Justin opens the door for me and I enter, sucking in another much needed breath. The inside of the church is tastefully decorated. Wildflowers in front of the sanctuary and candles lit about everywhere. Piano music is playing softly and I bite back a grin when I hear that music change effortlessly to a tune I know deep in my soul Reed had to have picked out. Reed listened to it constantly. I always pretended to hate it. But inside, I loved every single word of that old country song.Amazed,the song he always loved by Lonestar continues and while I’m so happy for him, I’m sad at the same time. I always considered that our song, and now he’s using it to marry someone else.
“Maybe you’ll save me a dance?” Justin asks, holding my elbow.
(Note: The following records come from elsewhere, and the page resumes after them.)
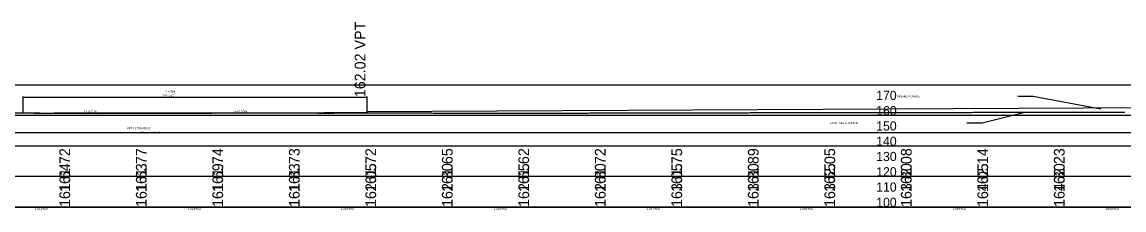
# Model space of a CAD drawing. Extents: x 2126510 to 2136144, y 865066 to 868066.
# Drawn here: x 2127736 to 2128457, y 866612 to 866735 of the extents above; entities that cross this region are included whole.
import ezdxf

# ---------------------------------------------------------------- set-up
doc = ezdxf.new("R2010")
doc.units = 0
for name, color, linetype in [('RD_EX_GuardRail', 7, 'Continuous'), ('RD_EX_H2O', 7, 'Continuous'), ('RD_EX_Misc', 7, 'Continuous')]:
    doc.layers.add(name, color=color, linetype=linetype)

msp = doc.modelspace()

# ---------------------------------------------------------------- linework, layer by layer
at = {"layer": 'RD_EX_GuardRail'}
for p, q in [((2131097.7, 866693.9), (2126517.45, 866693.9)), ((2128999.96, 866673.9), (2126517.45, 866673.9)), ((2131097.7, 866653.9), (2126517.45, 866653.9)), ((2131097.7, 866633.9), (2126517.45, 866633.9)), ((2131097.7, 866613.9), (2126517.45, 866613.9))]:
    msp.add_line(p, q, dxfattribs=at)
at = {"layer": 'RD_EX_H2O'}
for points in [[(2127736.19, 866675.58), (2127737.19, 866675.58)], [(2127937.19, 866675.57), (2127938.19, 866675.57), (2127939.19, 866675.57), (2127940.19, 866675.57), (2127941.19, 866675.58), (2127942.19, 866675.58), (2127943.19, 866675.58), (2127944.19, 866675.58), (2127945.19, 866675.58), (2127946.19, 866675.58), (2127947.19, 866675.58), (2127948.19, 866675.59), (2127949.19, 866675.59), (2127950.19, 866675.59), (2127951.19, 866675.59), (2127952.19, 866675.59), (2127953.19, 866675.59), (2127954.19, 866675.6), (2127955.19, 866675.6), (2127956.19, 866675.6), (2127957.19, 866675.6), (2127958.19, 866675.6), (2127959.19, 866675.6), (2127960.19, 866675.61), (2127961.19, 866675.61), (2127962.19, 866675.61), (2127963.19, 866675.61), (2127964.19, 866675.61), (2127965.19, 866675.62), (2127966.19, 866675.62), (2127967.19, 866675.62), (2127968.19, 866675.62), (2127969.19, 866675.62), (2127970.19, 866675.63), (2127971.19, 866675.63), (2127972.19, 866675.63), (2127973.19, 866675.63), (2127974.19, 866675.63), (2127975.19, 866675.63), (2127976.19, 866675.63), (2127977.19, 866675.63), (2127978.19, 866675.63), (2127979.19, 866675.63), (2127980.19, 866675.63), (2127981.19, 866675.62), (2127982.19, 866675.62), (2127983.19, 866675.62), (2127984.19, 866675.62), (2127985.19, 866675.62), (2127986.19, 866675.62), (2127987.19, 866675.62), (2127988.19, 866675.62), (2127989.19, 866675.62), (2127990.19, 866675.61), (2127991.19, 866675.61), (2127992.19, 866675.61), (2127993.19, 866675.61), (2127994.19, 866675.61), (2127995.19, 866675.6), (2127996.19, 866675.6), (2127997.19, 866675.6), (2127998.19, 866675.59), (2127999.19, 866675.59), (2128000.19, 866675.59), (2128001.19, 866675.59), (2128002.19, 866675.58), (2128003.19, 866675.58), (2128004.19, 866675.58), (2128005.19, 866675.57), (2128006.19, 866675.57), (2128007.19, 866675.57), (2128008.19, 866675.57), (2128009.19, 866675.56), (2128010.19, 866675.56), (2128011.19, 866675.56), (2128012.19, 866675.55), (2128013.19, 866675.55), (2128014.19, 866675.55), (2128015.19, 866675.55), (2128016.19, 866675.55), (2128017.19, 866675.55), (2128018.19, 866675.55), (2128019.19, 866675.56), (2128020.19, 866675.56), (2128021.19, 866675.56), (2128022.19, 866675.56), (2128023.19, 866675.56), (2128024.19, 866675.56), (2128025.19, 866675.56), (2128026.19, 866675.56), (2128027.19, 866675.56), (2128028.19, 866675.57), (2128029.19, 866675.57), (2128030.19, 866675.57), (2128031.19, 866675.57), (2128032.19, 866675.57), (2128033.19, 866675.57), (2128034.19, 866675.57), (2128035.19, 866675.57), (2128036.19, 866675.57), (2128037.19, 866675.57)], [(2128037.19, 866675.57), (2128038.19, 866675.57), (2128039.19, 866675.57), (2128040.19, 866675.56), (2128041.19, 866675.56), (2128042.19, 866675.56), (2128043.19, 866675.56), (2128044.19, 866675.56), (2128045.19, 866675.56), (2128046.19, 866675.56), (2128047.19, 866675.56), (2128048.19, 866675.55), (2128049.19, 866675.55), (2128050.19, 866675.55), (2128051.19, 866675.55), (2128052.19, 866675.55), (2128053.19, 866675.55), (2128054.19, 866675.55), (2128055.19, 866675.54), (2128056.19, 866675.54), (2128057.19, 866675.54), (2128058.19, 866675.54), (2128059.19, 866675.54), (2128060.19, 866675.54), (2128061.19, 866675.54), (2128062.19, 866675.53), (2128063.19, 866675.53), (2128064.19, 866675.53), (2128065.19, 866675.53), (2128066.19, 866675.52), (2128067.19, 866675.52), (2128068.19, 866675.52), (2128069.19, 866675.52), (2128070.19, 866675.52), (2128071.19, 866675.52), (2128072.19, 866675.52), (2128073.19, 866675.52), (2128074.19, 866675.52), (2128075.19, 866675.52), (2128076.19, 866675.52), (2128077.19, 866675.52), (2128078.19, 866675.52), (2128079.19, 866675.51), (2128080.19, 866675.51), (2128081.19, 866675.51), (2128082.19, 866675.51), (2128083.19, 866675.51), (2128084.19, 866675.51), (2128085.19, 866675.51), (2128086.19, 866675.5), (2128087.19, 866675.5), (2128088.19, 866675.5), (2128089.19, 866675.5), (2128090.19, 866675.5), (2128091.19, 866675.5), (2128092.19, 866675.5), (2128093.19, 866675.51), (2128094.19, 866675.51), (2128095.19, 866675.52), (2128096.19, 866675.52), (2128097.19, 866675.53), (2128098.19, 866675.53), (2128099.19, 866675.54), (2128100.19, 866675.54), (2128101.19, 866675.55), (2128102.19, 866675.55), (2128103.19, 866675.56), (2128104.19, 866675.56), (2128105.19, 866675.57), (2128106.19, 866675.57), (2128107.19, 866675.58), (2128108.19, 866675.58), (2128109.19, 866675.59), (2128110.19, 866675.6), (2128111.19, 866675.61), (2128112.19, 866675.61), (2128113.19, 866675.61), (2128114.19, 866675.61), (2128115.19, 866675.61), (2128116.19, 866675.62), (2128117.19, 866675.62), (2128118.19, 866675.62), (2128119.19, 866675.62), (2128120.19, 866675.62), (2128121.19, 866675.62), (2128122.19, 866675.63), (2128123.19, 866675.63), (2128124.19, 866675.63), (2128125.19, 866675.63), (2128126.19, 866675.63), (2128127.19, 866675.64), (2128128.19, 866675.64), (2128129.19, 866675.64), (2128130.19, 866675.64), (2128131.19, 866675.64), (2128132.19, 866675.64), (2128133.19, 866675.63), (2128134.19, 866675.63), (2128135.19, 866675.64), (2128136.19, 866675.64), (2128137.19, 866675.65)], [(2128137.19, 866675.65), (2128138.19, 866675.66), (2128139.19, 866675.66), (2128140.19, 866675.67), (2128141.19, 866675.67), (2128142.19, 866675.68), (2128143.19, 866675.69), (2128144.19, 866675.69), (2128145.19, 866675.7), (2128146.19, 866675.7), (2128147.19, 866675.71), (2128148.19, 866675.72), (2128149.19, 866675.72), (2128150.19, 866675.72), (2128151.19, 866675.72), (2128152.19, 866675.72), (2128153.19, 866675.72), (2128154.19, 866675.72), (2128155.19, 866675.71), (2128156.19, 866675.71), (2128157.19, 866675.7), (2128158.19, 866675.7), (2128159.19, 866675.69), (2128160.19, 866675.68), (2128161.19, 866675.68), (2128162.19, 866675.67), (2128163.19, 866675.67), (2128164.19, 866675.66), (2128165.19, 866675.66), (2128166.19, 866675.65), (2128167.19, 866675.65), (2128168.19, 866675.65), (2128169.19, 866675.66), (2128170.19, 866675.66), (2128171.19, 866675.67), (2128172.19, 866675.68), (2128173.19, 866675.68), (2128174.19, 866675.68), (2128175.19, 866675.69), (2128176.19, 866675.69), (2128177.19, 866675.69), (2128178.19, 866675.69), (2128179.19, 866675.7), (2128180.19, 866675.7), (2128181.19, 866675.7), (2128182.19, 866675.7), (2128183.19, 866675.71), (2128184.19, 866675.71), (2128185.19, 866675.71), (2128186.19, 866675.71), (2128187.19, 866675.72), (2128188.19, 866675.72), (2128189.19, 866675.72), (2128190.19, 866675.71), (2128191.19, 866675.71), (2128192.19, 866675.7), (2128193.19, 866675.7), (2128194.19, 866675.69), (2128195.19, 866675.69), (2128196.19, 866675.7), (2128197.19, 866675.71), (2128198.19, 866675.71), (2128199.19, 866675.72), (2128200.19, 866675.72), (2128201.19, 866675.73), (2128202.19, 866675.74), (2128203.19, 866675.74), (2128204.19, 866675.75), (2128205.19, 866675.76), (2128206.19, 866675.76), (2128207.19, 866675.77), (2128208.19, 866675.78), (2128209.19, 866675.78), (2128210.19, 866675.79), (2128211.19, 866675.79), (2128212.19, 866675.8), (2128213.19, 866675.8), (2128214.19, 866675.8), (2128215.19, 866675.8), (2128216.19, 866675.8), (2128217.19, 866675.8), (2128218.19, 866675.8), (2128219.19, 866675.8), (2128220.19, 866675.8), (2128221.19, 866675.8), (2128222.19, 866675.8), (2128223.19, 866675.8), (2128224.19, 866675.8), (2128225.19, 866675.8), (2128226.19, 866675.8), (2128227.19, 866675.8), (2128228.19, 866675.8), (2128229.19, 866675.8), (2128230.19, 866675.8), (2128231.19, 866675.8), (2128232.19, 866675.8), (2128233.19, 866675.8), (2128234.19, 866675.8), (2128235.19, 866675.8), (2128236.19, 866675.8), (2128237.19, 866675.8)], [(2128237.19, 866675.8), (2128238.19, 866675.8), (2128239.19, 866675.8), (2128240.19, 866675.8), (2128241.19, 866675.8), (2128242.19, 866675.8), (2128243.19, 866675.8), (2128244.19, 866675.8), (2128245.19, 866675.8), (2128246.19, 866675.81), (2128247.19, 866675.82), (2128248.19, 866675.83), (2128249.19, 866675.83), (2128250.19, 866675.84), (2128251.19, 866675.85), (2128252.19, 866675.86), (2128253.19, 866675.86), (2128254.19, 866675.87), (2128255.19, 866675.87), (2128256.19, 866675.88), (2128257.19, 866675.89), (2128258.19, 866675.89), (2128259.19, 866675.9), (2128260.19, 866675.91), (2128261.19, 866675.91), (2128262.19, 866675.92), (2128263.19, 866675.93), (2128264.19, 866675.93), (2128265.19, 866675.94), (2128266.19, 866675.95), (2128267.19, 866675.95), (2128268.19, 866675.95), (2128269.19, 866675.95), (2128270.19, 866675.95), (2128271.19, 866675.95), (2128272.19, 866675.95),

I give him a smile and nod, knowing that won’t happen but not wanting to come off as a complete crazy person. I just need to get a look at Reed. Sit in the back, as inconspicuously as possible, make sure I hear the “I do” from both him and his fiancée, then sneak out if I can. Once he’s married, I’ll move on.
* * *
Reed
“Holy shit, dude. You have some fine looking wedding guests here. You’ve been holding back, you asshole.” Justin collapses onto the chair, hand clutching his chest like he’s just caught the falling in love bug.
“What do you mean?”
“I just escorted one of the most beautiful women I’ve ever seen in my life to her seat and I’m telling you, man, I could fall into her all night. I can’t wait for the reception.” He jumps up excitedly and claps his hands, rubbing them together. I smirk, rolling my eyes.
“Good luck with that.”
“Why thank you.” He grins that signature grin of his that makes his dimples appear. “Now. You have five minutes. Need me to do anything? Crack a window in the bathroom for your escape? Get you a shot of tequila? Give you a hug and tell you I’m proud of you and you picked the right gal? You name it, I’m here.”